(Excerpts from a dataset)
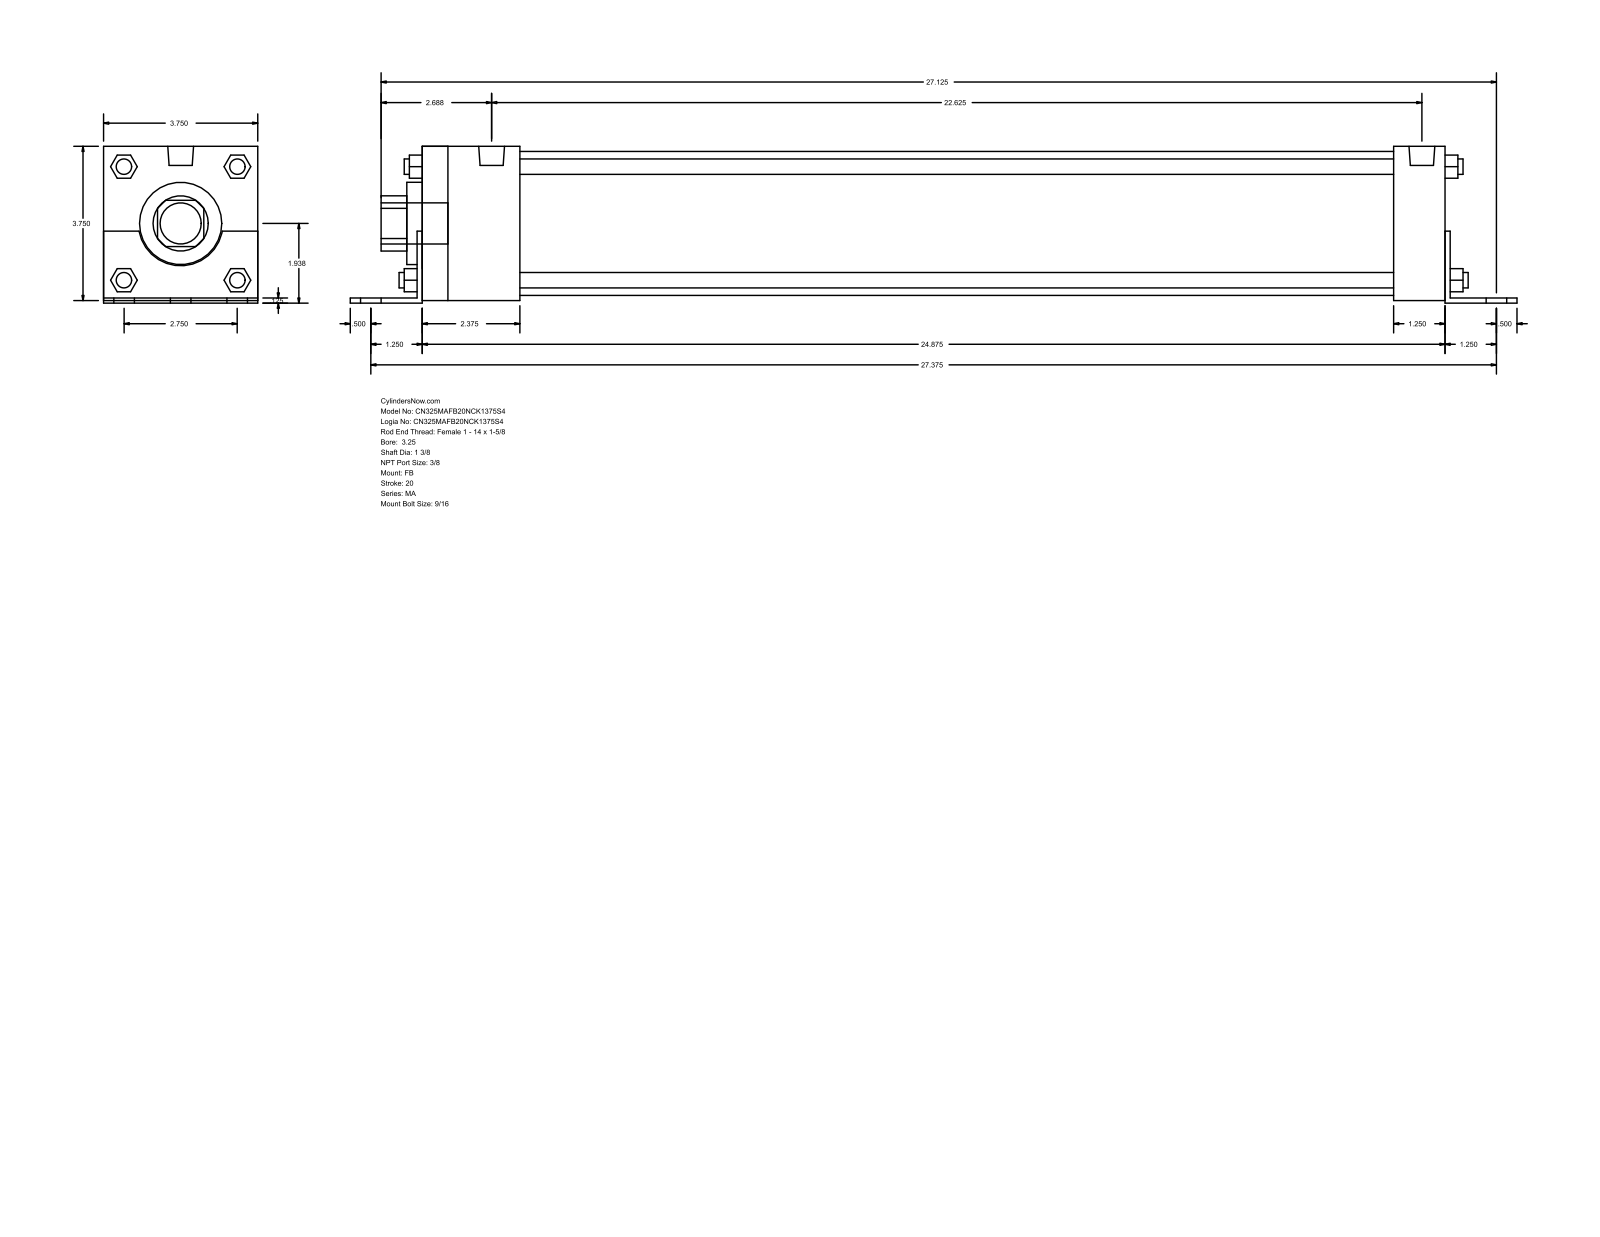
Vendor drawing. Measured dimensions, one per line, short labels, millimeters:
name: MA_FB__0325_1.375
written by: GSSL Pune (CONFIG_CONTROL_DESIGN)
unit: mm
bodies: 0 solids, 140 faces (105 planar, 35 cylindrical, 0 other)
size: 720.73 × 96.84 × 95.25
holes: 1× ⌀34.92, 1× ⌀50.8, 1× ⌀88.9
bosses: 6× ⌀14.29, 4× ⌀11.11, 4× ⌀9.53, 2× ⌀15.93, 1× ⌀25.4
rounds: 1× R17.06, 1× R26.16
face distances: 95.24, 3.17, 1.59, 96.83, 1.58, 93.66, 635, 631.83, 31.75, 60.32

* _TASK REQUIREMENTS_: A word-for-word repetition of the data above, without pictures, is the expected answer.

* _RESULT OF THE TASK_:
Vendor drawing. Measured dimensions, one per line, short labels, millimeters:
name: MA_FB__0325_1.375
written by: GSSL Pune (CONFIG_CONTROL_DESIGN)
unit: mm
bodies: 0 solids, 140 faces (105 planar, 35 cylindrical, 0 other)
size: 720.73 × 96.84 × 95.25
holes: 1× ⌀34.92, 1× ⌀50.8, 1× ⌀88.9
bosses: 6× ⌀14.29, 4× ⌀11.11, 4× ⌀9.53, 2× ⌀15.93, 1× ⌀25.4
rounds: 1× R17.06, 1× R26.16
face distances: 95.24, 3.17, 1.59, 96.83, 1.58, 93.66, 635, 631.83, 31.75, 60.32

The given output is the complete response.